Il mio sorriso era un grido di aiuto, che nessuno riusciva a sentire.

"Aiutatemi, vi prego!"

"Non voglio che uccidano ciò che resta!"

Ma nessuno avrebbe ascoltato.

Quindi sorridevo, morendo dentro lentamente.

Mandando il mondo a fanculo.

Due leggeri tocchi sulla mia spalla distolsero la mia mente da quei pensieri.

"Abril, stai attenta a dove metti i piedi oggi, che l'ultima volta mi sei svenuta cadendo!"

I gesti di Mei furono giocosi, ed io, per tutta risposta le feci la linguaccia, per scherzare

:- povera illusa! Tu non sai che il sono la regina delle liane?!- quasi gridai puntellando i miei pugni sui fianchi e gonfiando il petto con espressione tronfia, eravamo all'entrata della foresta degli spiriti, un luogo che, a dirla tutta, mi aveva sempre inquietato, ma che la ragazza, che ora mi sorrideva più gentilmente, quasi con tenerezza, adorava.

:- certo, certo, nei tuoi sogni!
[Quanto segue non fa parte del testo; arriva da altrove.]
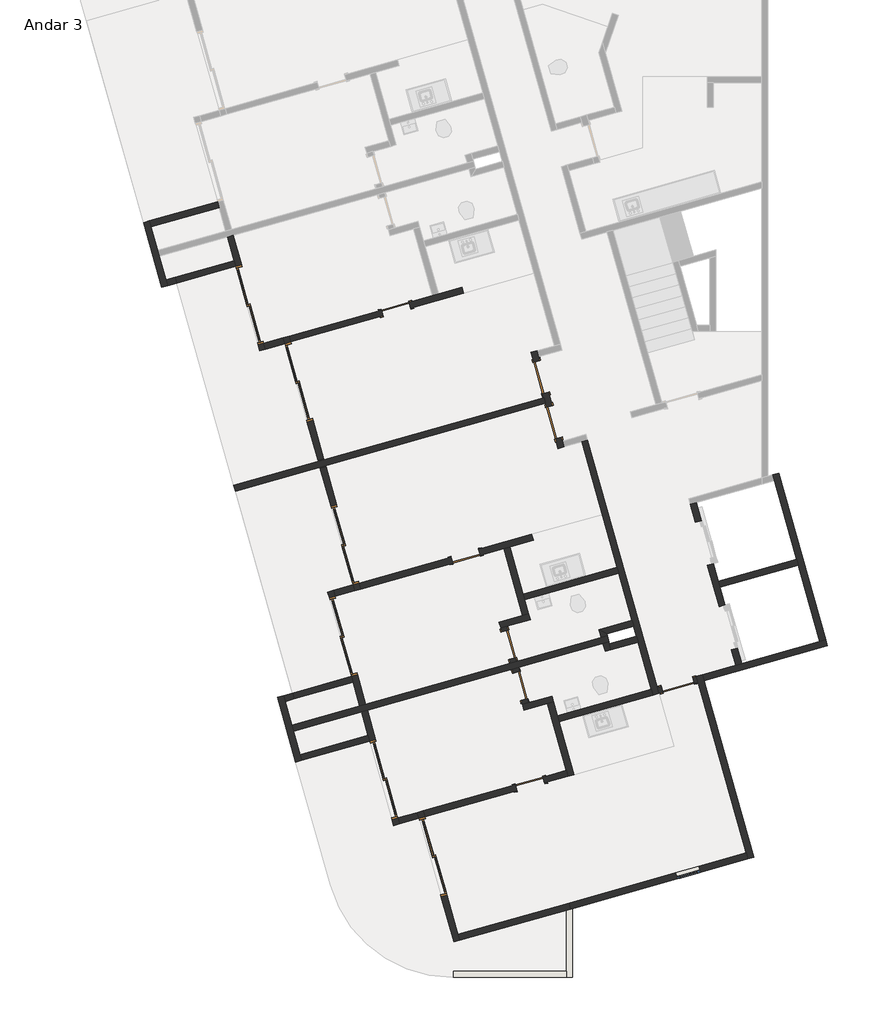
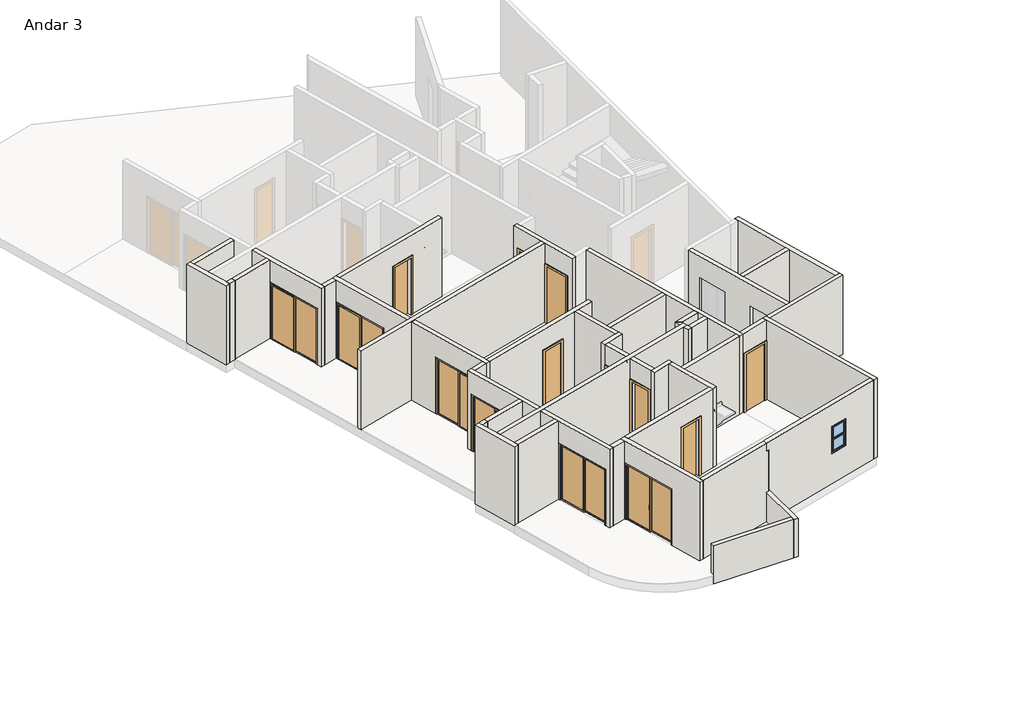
# One storey, part 1 of 3: 46 walls, 14 doors, 1 window.
"""IFC4 building model written with IfcOpenShell, lengths in millimetres."""

from ifc_helpers import new_model, si_unit, frame, origin, place, context, project, spatial, polyline, outline, extrude, faceted_brep, transform, mapped, element, save
from components import p2_80cm_9d4be4ef, p2_80cm_083652d6, p3_70cm_ef4d15e3, p3_70cm_0a698c7c, p4_correr_200cm_eaaa0877, p4_correr_200cm_830b8f20, bx_60cm_cef95a5c

model = new_model("IFC4")

# Units and contexts
model_context = context("Model", 3, world=origin())
ifc_project = project(units=[si_unit("LENGTHUNIT", "METRE", prefix="MILLI")], contexts=[model_context])

# Site, building, storey
site = spatial("IfcSite", under=ifc_project)
building = spatial("IfcBuilding", under=site)
storey = spatial("IfcBuildingStorey", under=building, Name="Andar 3", Elevation=59450.0)

# Doors
placement = place(None, origin())
p2_80cm_shape = p2_80cm_9d4be4ef(model_context)
element("IfcDoor", 1, ObjectType="M_Folha única1 : P2 - 80CM", at=placement, inside=storey, context=model_context, shape_type="MappedRepresentation", body=[
    mapped(p2_80cm_shape, transform((-80566.3456776, 19693.5423602, 59450.0), x_axis=(0.2717679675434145, -0.9623628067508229, 0.0), y_axis=(0.9623628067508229, 0.2717679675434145, 0.0), z_axis=(0.0, 0.0, 1.0))),
])
element("IfcDoor", 2, ObjectType="M_Folha única1 : P2 - 80CM", at=placement, inside=storey, context=model_context, shape_type="MappedRepresentation", body=[
    mapped(p2_80cm_shape, transform((-77213.6668366, 12144.847648, 59450.0), x_axis=(0.9623628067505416, 0.2717679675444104, 0.0), y_axis=(-0.2717679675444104, 0.9623628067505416, 0.0), z_axis=(0.0, 0.0, 1.0))),
])
p2_80cm_2_shape = p2_80cm_083652d6(model_context)
element("IfcDoor", 3, ObjectType="M_Folha única1 : P2 - 80CM", at=placement, inside=storey, context=model_context, shape_type="MappedRepresentation", body=[
    mapped(p2_80cm_2_shape, transform((-80253.8125149, 18586.8251325, 59450.0), x_axis=(-0.2717679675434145, 0.9623628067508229, 0.0), y_axis=(-0.9623628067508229, -0.2717679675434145, 0.0), z_axis=(0.0, 0.0, 1.0))),
])
p3_70cm_shape = p3_70cm_ef4d15e3(model_context)
element("IfcDoor", 4, ObjectType="M_Folha única1 : P3 - 70CM", at=placement, inside=storey, context=model_context, shape_type="MappedRepresentation", body=[
    mapped(p3_70cm_shape, transform((-84129.1775441, 21363.1168842, 59450.0), x_axis=(0.9623628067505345, 0.27176796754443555, 0.0), y_axis=(-0.27176796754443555, 0.9623628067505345, 0.0), z_axis=(0.0, 0.0, 1.0))),
])
element("IfcDoor", 5, ObjectType="M_Folha única1 : P3 - 70CM", at=placement, inside=storey, context=model_context, shape_type="MappedRepresentation", body=[
    mapped(p3_70cm_shape, transform((-80840.7851368, 9718.5269225, 59450.0), x_axis=(0.9623628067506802, 0.2717679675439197, 0.0), y_axis=(-0.2717679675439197, 0.9623628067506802, 0.0), z_axis=(0.0, 0.0, 1.0))),
])
element("IfcDoor", 6, ObjectType="M_Folha única1 : P3 - 70CM", at=placement, inside=storey, context=model_context, shape_type="MappedRepresentation", body=[
    mapped(p3_70cm_shape, transform((-81362.5862327, 13130.1209218, 59450.0), x_axis=(0.271767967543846, -0.9623628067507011, 0.0), y_axis=(0.9623628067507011, 0.271767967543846, 0.0), z_axis=(0.0, 0.0, 1.0))),
])
p3_70cm_2_shape = p3_70cm_0a698c7c(model_context)
element("IfcDoor", 7, ObjectType="M_Folha única1 : P3 - 70CM", at=placement, inside=storey, context=model_context, shape_type="MappedRepresentation", body=[
    mapped(p3_70cm_2_shape, transform((-81077.2298668, 12119.6399747, 59450.0), x_axis=(-0.27176796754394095, 0.9623628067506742, 0.0), y_axis=(-0.9623628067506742, -0.27176796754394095, 0.0), z_axis=(0.0, 0.0, 1.0))),
])
element("IfcDoor", 8, ObjectType="M_Folha única1 : P3 - 70CM", at=placement, inside=storey, context=model_context, shape_type="MappedRepresentation", body=[
    mapped(p3_70cm_2_shape, transform((-82417.0393485, 15300.2312016, 59450.0), x_axis=(0.9623628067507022, 0.27176796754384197, 0.0), y_axis=(-0.27176796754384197, 0.9623628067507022, 0.0), z_axis=(0.0, 0.0, 1.0))),
])
p4_correr_200cm_shape = p4_correr_200cm_eaaa0877(model_context)
element("IfcDoor", 9, ObjectType="Porta de correr dupla envidraçada sem revestimento : P4 - CORRER - 200CM", at=placement, inside=storey, context=model_context, shape_type="MappedRepresentation", body=[
    mapped(p4_correr_200cm_shape, transform((-86511.4049952, 19573.3416554, 59450.0), x_axis=(0.2717679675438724, -0.9623628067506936, 0.0), y_axis=(0.9623628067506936, 0.2717679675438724, 0.0), z_axis=(0.0, 0.0, 1.0))),
])
element("IfcDoor", 10, ObjectType="Porta de correr dupla envidraçada sem revestimento : P4 - CORRER - 200CM", at=placement, inside=storey, context=model_context, shape_type="MappedRepresentation", body=[
    mapped(p4_correr_200cm_shape, transform((-87717.4207223, 21466.8516126, 59450.0), x_axis=(0.2717679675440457, -0.9623628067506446, 0.0), y_axis=(0.9623628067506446, 0.2717679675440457, 0.0), z_axis=(0.0, 0.0, 1.0))),
])
element("IfcDoor", 11, ObjectType="Porta de correr dupla envidraçada sem revestimento : P4 - CORRER - 200CM", at=placement, inside=storey, context=model_context, shape_type="MappedRepresentation", body=[
    mapped(p4_correr_200cm_shape, transform((-84429.028315, 9822.2616509, 59450.0), x_axis=(-0.27176796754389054, 0.9623628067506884, 0.0), y_axis=(-0.9623628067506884, -0.27176796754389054, 0.0), z_axis=(0.0, 0.0, 1.0))),
])
element("IfcDoor", 12, ObjectType="Porta de correr dupla envidraçada sem revestimento : P4 - CORRER - 200CM", at=placement, inside=storey, context=model_context, shape_type="MappedRepresentation", body=[
    mapped(p4_correr_200cm_shape, transform((-83223.012588, 7928.7516937, 59450.0), x_axis=(-0.2717679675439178, 0.9623628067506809, 0.0), y_axis=(-0.9623628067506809, -0.2717679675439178, 0.0), z_axis=(0.0, 0.0, 1.0))),
])
p4_correr_200cm_2_shape = p4_correr_200cm_830b8f20(model_context)
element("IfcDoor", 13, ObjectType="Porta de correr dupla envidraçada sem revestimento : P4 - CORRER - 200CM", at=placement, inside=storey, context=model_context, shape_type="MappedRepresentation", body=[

Sono io, qui, il re indiscusso!- Rabi batté i pugni sul petto, fieramente, gesto che fece fuoriuscire un cane della prateria dal collo della tunica a maniche arrotolate che aveva deciso di mettere; l'animaletto gli mordicchiò un orecchio, guadagnandosi le pronte scuse del suo padrone, il che suscitò una risatina da parte di Gonkuro.

:- dai, entriamo- furono le parole del corvino, che fu seguito fra i rampicanti da Mei e Rabi.

Io li seguii poco dopo.

Entrai nella foresta degli spiriti sorridendo.

ANGOLO AUTRICE

Eeeeeeeee... eccomi qui! Dopo aver scoperto che è possibile ripristinare i capitoli dopo che si sono cancellati per sbaglio!

Allora, come qualcuno noterà ho apportato qualche leggera modifica alla trama, ma nulla di che, fatto sta che, d'ora in avanti, di tanto in tanto metterò dei punti di vista anche da parte di altri personaggi, e... nulla, è tutto.